# METEOROLOGÍA > Sequia >  La sequía obliga a los regantes del Tajo-Segura a comprar agua a otras comunidades

## FEDE

La sequía obliga a los regantes del Tajo-Segura a comprar agua a otras comunidades

*Las demandas de agua para riego se han multiplicado ante la ausencia de lluvias*

21/05/2014



El presidente del Sindicato Central de Regantes del Acueducto Tajo-Segura (Scrats), José Manuel Claver, confirmó que las demandas de agua para riego "se han multiplicado" como consecuencia de la situación de sequía, y que hay comunidades que "se encuentran con problemas de abastecimiento, sobre todo las que ya tenían déficit antes". En una rueda de prensa ofrecida después de mantener un encuentro institucional con el presidente del Gobierno regional, Alberto Garre, Claver explicó que la ausencia de lluvias ha provocado que haya "muchísimo más consumo que en un año normal y la necesidad es muy superior", de ahí que se haya optado por la formula de comprar agua a otras comunidades.
     De hecho, advierte que el Scarts hubiera tenido "de sobra" para abastecer a todas las comunidades de regantes con los 38 hectómetros cúbicos que recibe mensualmente. En cambio, ahora no basta con esa cantidad de agua, sino que se ven abocados a comprar a las comunidades de regantes de Illana y a Estremera y que desconoce si será suficiente, según informa www.laopiniondemurcia.es.

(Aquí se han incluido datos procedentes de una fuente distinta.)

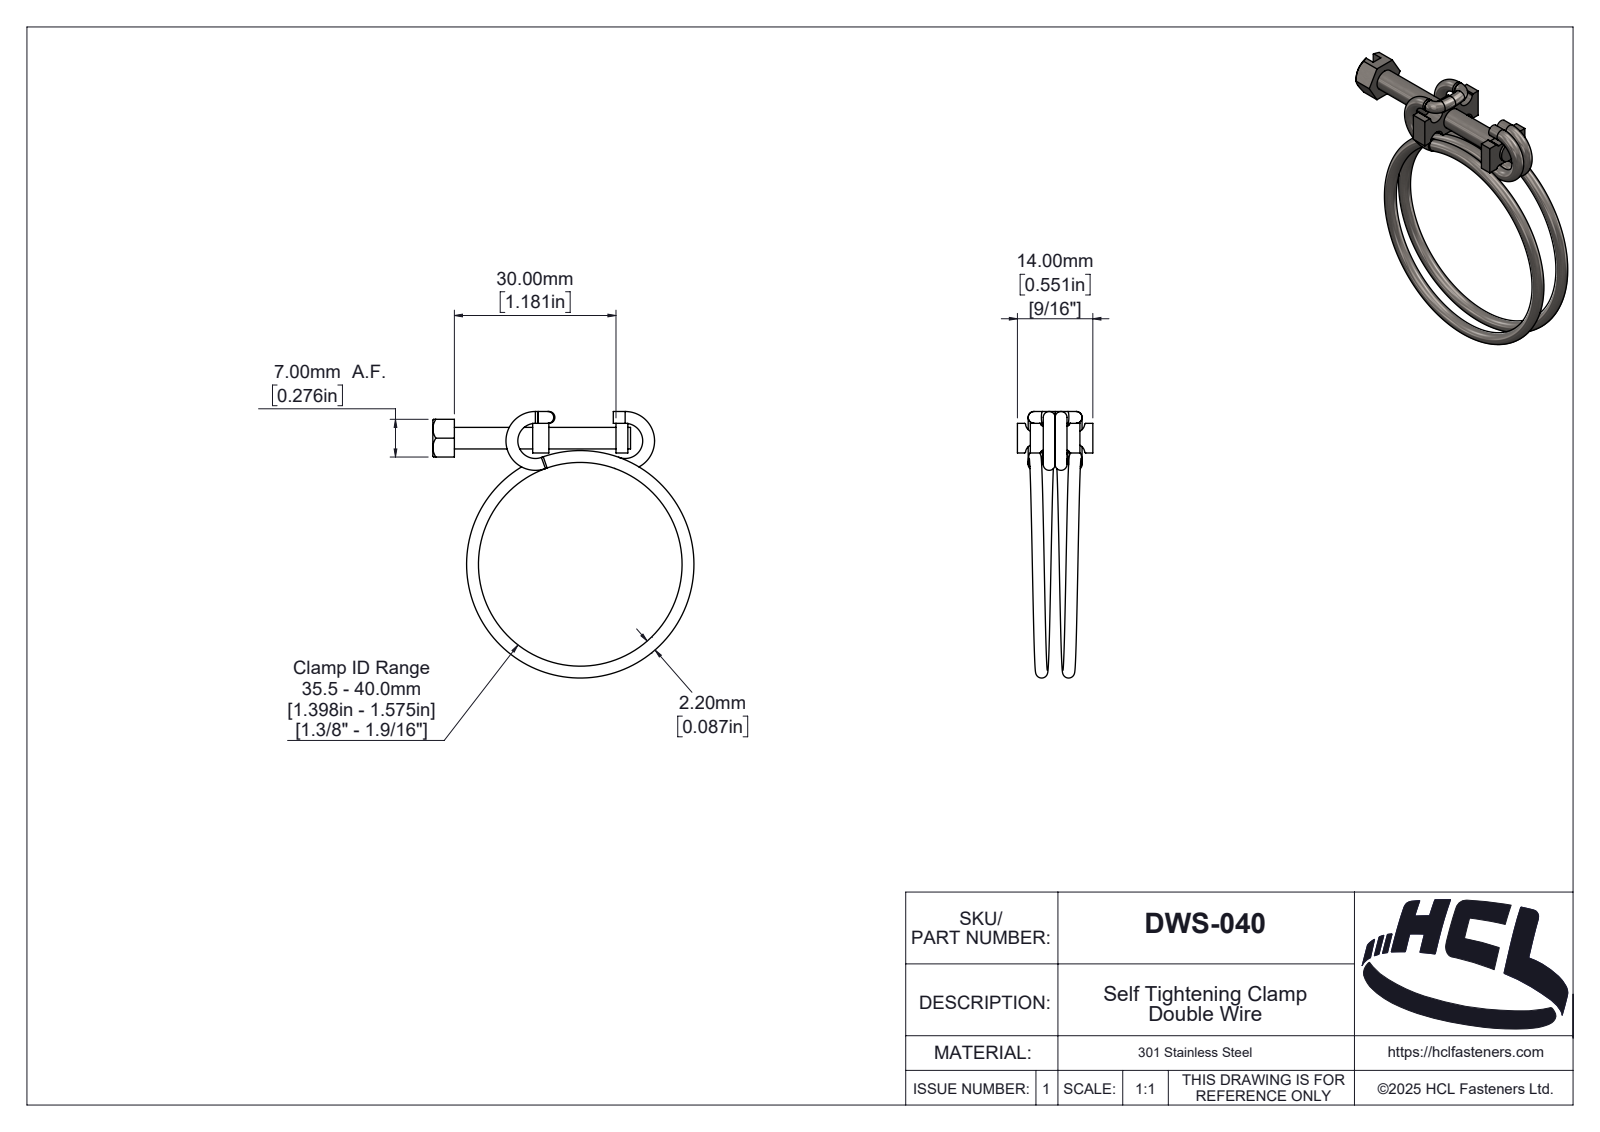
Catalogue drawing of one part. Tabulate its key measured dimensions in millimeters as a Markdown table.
| quantity | value |
| --- | --- |
| part name | DWS-040 |
| STEP written by | SolidWorks 2025 (AUTOMOTIVE_DESIGN) |
| units | millimeters |
| bodies | 6 solids, 209 faces (51 planar, 74 cylindrical, 84 other) |
| overall size | 49.45 × 48.47 × 14 |
| volume | 2 120 mm³ |
| surface area | 3 521 mm² |
| round holes (diameter × count) | 4 × 1 |
| round bosses / shafts (diameter × count) | 2.2 × 4 |
| partial cylindrical surfaces (radius × count) | 0.2 × 12, 0.5 × 4, 1.6 × 4, 0.4 × 1, 0.51 × 1, 0.53 × 1, 0.64 × 1, 0.91 × 1 |
| main face-to-face distances | 2, 3, 17.54, 7, 0.5, 17.66, 14.66, 15.46, 12.46, 2.2 |

*La sequía ha llegado con toda la zona regable cultivada*

    Claver justificó que esta demanda es tan grande porque "se ha cultivado casi toda la zona regable, por no decir toda", y por la sequedad de la tierra. Además, indicó que el año ha sido seco y con mucho viento, por lo que se han dado "todos los ingredientes para propiciar más consumo de agua".
    Hasta ahora, según Claver, los regantes han ido capeando esta situación, y considera que podrá ir solucionando estas adversidades hasta final de año. De momento, el Sindicato Central de Regantes afronta este problema redistribuciones de agua, pasando recursos de las comunidades de regantes que tienen de sobra a las que les falta, pero esto se hace en el último trimestre del año hidrológico, es decir, julio, agosto y septiembre.
    Así pues, Claver explica que la gente "quiere tener una seguridad de que va a disponer de agua ante la incertidumbre de que se pueda hacer esta redistribución". Por ello, recomendó "tener paciencia y no ponerse nerviosos, porque la situación no es fácil".
     El presidente del Sindicato señaló que las comunidades más apuradas por la necesidad de agua son las zonas del Valle del Guadalentín, con Lorca y Totana a la cabeza, así como el Campo de Cartagena y la zona de la Pedrera.
(Foto: Archivo www.laopiniondemurcia.es

----------


## Jonasino

"la gente quiere tener una seguridad de que va a disponer de agua ante la incertidumbre de que se pueda hacer esta redistribución".
Si uno de los puntos clave de la vida es la incertidumbre de cuando nos vamos a morir ¿de que certidumbre hablamos en estos temas? Este chico desvaría....

----------


## NoRegistrado

Como comenté, por ésta misma noticia puesta en el hilo: http://foros.embalses.net/showthread...858#post130858  , lo importante de lo que dice éste señor, además de lo de la incertidumbre es esto:
"Claver justificó que esta demanda es tan grande porque "se ha cultivado casi toda la zona regable, por no decir toda".
Una muy mala planificación, pongo todo en producción, y ahora a llorar que me den agua y barata. Sabiendo que el año venía muy malo.
 Que usen las desaladoras, que ahí si que no hay problema de incertidumbre, no se acaba.
 De hecho ya están, con la boca pequeña tratando el tema.

Saludos. Miguel

----------

Pikeman (02-jun-2014),Varanya (31-may-2014)

----------


## NoRegistrado

Claver, que no da puntada sin hilo, ya veladamente negocia el uso de las desaladoras.
 Este texto, sacado de una noticia igual a la linkeada pero de 20 Minutos, transcribe sus palabras:




> Estrategia para optimizar las desaladoras Al ser preguntado por la intención del Gobierno central de implementar una estrategia para optimizar la explotación de las desaladoras, Claver ha subrayado que si este proyecto conduce a un precio "razonable" del agua sería "un buen camino", ya que el coste es "fundamental". Otro tema "importante", según Claver, es la calidad del agua, y cree que podría ser "una vía de actuación" si se demuestra que no plantea problemas para los cultivos, especialmente para el arbolado y los cítricos. Aunque para los regantes lo ideal sería que hubiera una nueva transferencia de agua "de cualquier otro sitio desde el que se recargara la cabecera del Tajo", Claver se ha mostrado abierto a "cualquier tipo de solución para la desalación". En este sentido, ha reconocido que se ha abierto algún "esbozo de conversación" con el Ministerio que "todavía no han llevado a ningún resultado", aunque confirma que el planteamiento "puede ir por este camino", y ha ratificado que los regantes "deben ser tenidos en cuenta".


http://www.20minutos.es/noticia/2143726/0/

 Vamos, que está negociando que le subvencionen el coste como en el trasvase.

 Saludos. Miguel

----------